Après la précédente rencontre avortée et le retard enregistré dans la tenue d’une nouvelle session, le dialogue social engagé par le gouvernement avec les syndicats et le patronat reprend ses droits, avec une réunion prévue au cours de ce mois. La tenue de cette rencontre, à la veille du 1er mai, ne cache pas la volonté d’apaiser le climat social avant la fête du travail, dans un contexte déjà fortement tendu en raison de la flambée des prix.
Le secrétaire général du principal syndicat du pays, l’UMT, toujours prompt à monter au créneau, a d’ores et déjà annoncé sa participation, tout en affichant peu d’illusions quant à d’éventuelles avancées, et encore moins à de véritables progrès, à l’approche du départ du gouvernement actuel prévu pour l’été prochain. Ce dernier, bien qu’attaché à respecter son engagement d’organiser deux sessions annuelles de dialogue, ne semble guère en mesure de répondre aux revendications syndicales.

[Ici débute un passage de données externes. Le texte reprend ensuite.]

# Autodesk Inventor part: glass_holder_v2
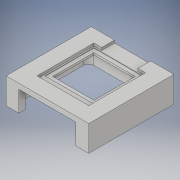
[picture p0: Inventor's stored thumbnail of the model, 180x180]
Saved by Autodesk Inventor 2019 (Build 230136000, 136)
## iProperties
Created: 2019-08
Part Number: glass_holder_v2
Material: 常规
Document SubType Name: Modeling
Designer: YOGA3
Density: 1 g/cm^3
Appearance: 默认
Author: YOGA3
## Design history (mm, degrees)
sketch "草图1"
  geometry: L1 (-16, 16.5)-(16, 16.5); L2 (16, 16.5)-(16, -16.5); L3 (16, -16.5)-(-16, -16.5); L4 (-16, -16.5)-(-16, 16.5); L5 (-16, 16.5)-(16, -16.5); L6 (16, 16.5)-(-16, -16.5); 1 further point
  constraints: 12 end point, 2 midpoint, 2 parallel, 1 horizontal, 1 perpendicular
  dimensions: "d0" = 32 distance of L2.end L3.end; "d1" = 33 distance of L1.end L2.end
extrude "拉伸1" new body sketch "草图1" distance "d2" = 10; taper "d3" = 0 deg
sketch "草图2"
  geometry: L1 (-12.5, 14)-(12.5, 14); L2 (14.5, 12)-(14.5, -12); L3 (12.5, -14)-(-12.5, -14); L4 (-14.5, -12)-(-14.5, 12); L5 (-14.5, 14)-(14.5, -14); L6 (14.5, 14)-(-14.5, -14); A1 r 2 centre (12.5, 12) between (14.5, 12) and (12.5, 14); A2 r 2 centre (-12.5, 12) between (-12.5, 14) and (-14.5, 12); A3 r 2 centre (-12.5, -12) between (-14.5, -12) and (-12.5, -14); A4 r 2 centre (12.5, -12) between (12.5, -14) and (14.5, -12); 1 further point
  constraints: 12 end point, 8 point on circle, 8 point on line, 8 tangent, 4 centre point, 3 equal radius, 2 midpoint, 2 parallel, 1 horizontal, 1 perpendicular
  dimensions: "d4" = 29 distance of L5.end L6.end; "d5" = 28 distance of L6.start L5.end; "d6" = 2 radius of A1 (derived)
extrude "拉伸2" cut sketch "草图2" distance "d7" = 8; taper "d8" = 0 deg
sketch "草图3"
  geometry: L1 (-10, -10.5)-(10, -10.5); L2 (-16, 16.5)-(-16, -16.5) reference; L3 (-16, -16.5)-(16, -16.5) reference; L4 (-7, 16.5)-(-7, 11.5); L5 (-7, 11.5)-(-10, 11.5); L6 (7, 16.5)-(7, 11.5); L7 (7, 11.5)-(10, 11.5); L8 (10, 11.5)-(10, -10.5); L9 (-10, 11.5)-(-10, -10.5); L10 (0, -14)-(0, -16.5); L11 (16, 16.5)-(-16, 16.5) reference; L12 (-7, 16.5)-(7, 16.5); 1 further point
  constraints: 18 end point, 3 point on line, 2 collinear, 2 vertical, 1 horizontal, 1 midpoint, 2 other
  dimensions: "d30" = 14 distance between parallel lines of L6 L4; "d32" = 20 distance between parallel lines of L9 L8; "d33" = 27 distance between parallel lines of L1 L11; "d34" = 5 distance between parallel lines of L11 L5
extrude "拉伸3" cut sketch "草图3" distance "d17" = 1; taper "d18" = 0 deg
sketch "草图4"
  geometry: L1 (-8, 9.5)-(8, 9.5); L2 (8, 9.5)-(8, -6.5); L3 (8, -6.5)-(-8, -6.5); L4 (-8, -6.5)-(-8, 9.5); L5 (-8, 9.5)-(8, -6.5); L6 (8, 9.5)-(-8, -6.5); L7 (-10, -10.5)-(-10, 11.5) reference; L8 (0, 1.5)-(0, 0); 2 further points; 1 other entity
  constraints: 14 end point, 2 midpoint, 2 parallel, 1 horizontal, 1 perpendicular, 1 other
  dimensions: "d19" = 16 distance of L2.end L3.end; "d20" = 16 distance of L1.end L2.end; "d21" = 4 dimension on L3; "d35" = 2 distance between parallel lines of L7 L4
extrude "拉伸4" cut sketch "草图4" distance "d22" = 3; taper "d23" = 0 deg
sketch "草图5"
  geometry: L1 (25, 8)-(0, 8) reference; L2 (23.5, -8)-(1.5, -8); L3 (1.5, -8)-(1.5, 8); L4 (1.5, 8)-(23.5, 8); L5 (23.5, 8)-(23.5, -8); L6 (23.5, -8)-(1.5, 8); L7 (1.5, -8)-(23.5, 8); 1 further point
  constraints: 12 end point, 2 midpoint, 2 parallel, 1 horizontal, 1 perpendicular, 1 point on line
  dimensions: "d24" = 22 distance of L3.end L4.end
extrude "拉伸5" cut sketch "草图5" distance "d25" = 3; taper "d26" = 0 deg
sketch "Sketch7"
  geometry: L1 (-9.5, -8)-(9.5, -8); L2 (9.5, -8)-(9.5, 11); L3 (9.5, 11)-(-9.5, 11); L4 (-9.5, 11)-(-9.5, -8); L5 (-8, 9.5)-(8, 9.5) reference; L6 (8, -6.5)-(-8, -6.5) reference; L7 (-8, -6.5)-(-8, 9.5) reference; L8 (8, 9.5)-(8, -6.5) reference; 1 further point
  constraints: 8 end point, 2 parallel, 1 horizontal, 1 perpendicular
  dimensions: "d36" = 1.5 distance between parallel lines of L5 L3; "d37" = 1.5 distance between parallel lines of L1 L6; "d38" = 1.5 distance between parallel lines of L7 L4; "d39" = 1.5 distance between parallel lines of L8 L2
extrude "Extrusion7" cut sketch "Sketch7" distance "d40" = 0.2; taper "d41" = 0 deg
sketch "草图6"
  geometry: L1 (20.282, -42.755)-(-20.282, -42.755); L2 (-20.282, -42.755)-(-20.282, 42.755); L3 (-20.282, 42.755)-(20.282, 42.755); L4 (20.282, 42.755)-(20.282, -42.755); L5 (20.282, -42.755)-(-20.282, 42.755); L6 (-20.282, -42.755)-(20.282, 42.755); 1 further point
  constraints: 12 end point, 2 midpoint, 2 parallel, 1 horizontal, 1 perpendicular
extrude "拉伸6" cut sketch "草图6" distance "d27" = 1; taper "d28" = 0 deg
node "实体1"

Dans l’immédiat, les syndicats mettent en avant des exigences prioritaires, notamment des augmentations substantielles des salaires et des pensions de retraite, avant d’aborder d’autres dossiers tout aussi sensibles, tels que le droit de grève, les libertés syndicales et les relations sociales, toujours aussi complexes. Ce dialogue social, dont sont exclues les petites centrales, laisse la place aux deux principales organisations, l’UMT et la CDT, qui porteront la voix des travailleurs aux côtés des représentants du patronat, lesquels participent en force après avoir obtenu, selon eux, des avancées significatives depuis l’arrivée du gouvernement.
En abordant cette nouvelle session de printemps, le gouvernement semble vouloir jouer la montre, évitant de s’engager sur des promesses qu’il pourrait difficilement tenir dans un contexte marqué par des incertitudes à la fois politiques et économiques. Une seule perspective semble se dessiner : celle de poursuivre les discussions si la conjoncture venait à s’améliorer.